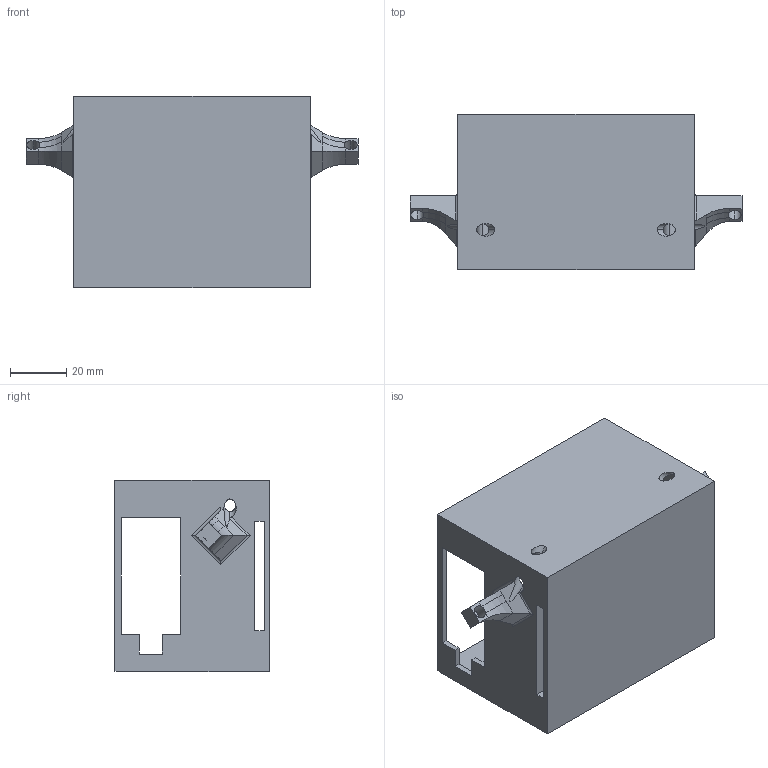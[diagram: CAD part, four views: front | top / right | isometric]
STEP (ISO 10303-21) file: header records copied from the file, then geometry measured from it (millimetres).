
FILE_DESCRIPTION (( 'STEP AP214' ), '1' );
FILE_NAME ('ElectronicsCaseBase.STEP', '2026-07-26T03:48:12', ( '' ), ( '' ), 'SwSTEP 2.0', 'SolidWorks 2026', '' );
FILE_SCHEMA (( 'AUTOMOTIVE_DESIGN' ));
Length unit declared in the file: millimetre
Products named in the file (1): ElectronicsCaseBase
Bounding box: 118 x 55 x 68 mm (x, y, z)
Volume: 65725 mm3; surface area: 46952.5 mm2
Topology: 1 solids, 1 shells, 122 faces, 314 edges, 202 vertices
Faces by surface type: plane 62, cylinder 54, torus 4, bspline 2
Entity records: 3837 total; most frequent: CARTESIAN_POINT 849, ORIENTED_EDGE 628, DIRECTION 592, EDGE_CURVE 314, VERTEX_POINT 202, VECTOR 198, LINE 198, AXIS2_PLACEMENT_3D 197

____________

(Prompt)
Write out the material above exactly. Skip the pictures.

(Written answer)
[diagram: CAD part, four views: front | top / right | isometric]
STEP (ISO 10303-21) file: header records copied from the file, then geometry measured from it (millimetres).
FILE_DESCRIPTION (( 'STEP AP214' ), '1' );
FILE_NAME ('ElectronicsCaseBase.STEP', '2026-07-26T03:48:12', ( '' ), ( '' ), 'SwSTEP 2.0', 'SolidWorks 2026', '' );
FILE_SCHEMA (( 'AUTOMOTIVE_DESIGN' ));
Length unit declared in the file: millimetre
Products named in the file (1): ElectronicsCaseBase
Bounding box: 118 x 55 x 68 mm (x, y, z)
Volume: 65725 mm3; surface area: 46952.5 mm2
Topology: 1 solids, 1 shells, 122 faces, 314 edges, 202 vertices
Faces by surface type: plane 62, cylinder 54, torus 4, bspline 2
Entity records: 3837 total; most frequent: CARTESIAN_POINT 849, ORIENTED_EDGE 628, DIRECTION 592, EDGE_CURVE 314, VERTEX_POINT 202, VECTOR 198, LINE 198, AXIS2_PLACEMENT_3D 197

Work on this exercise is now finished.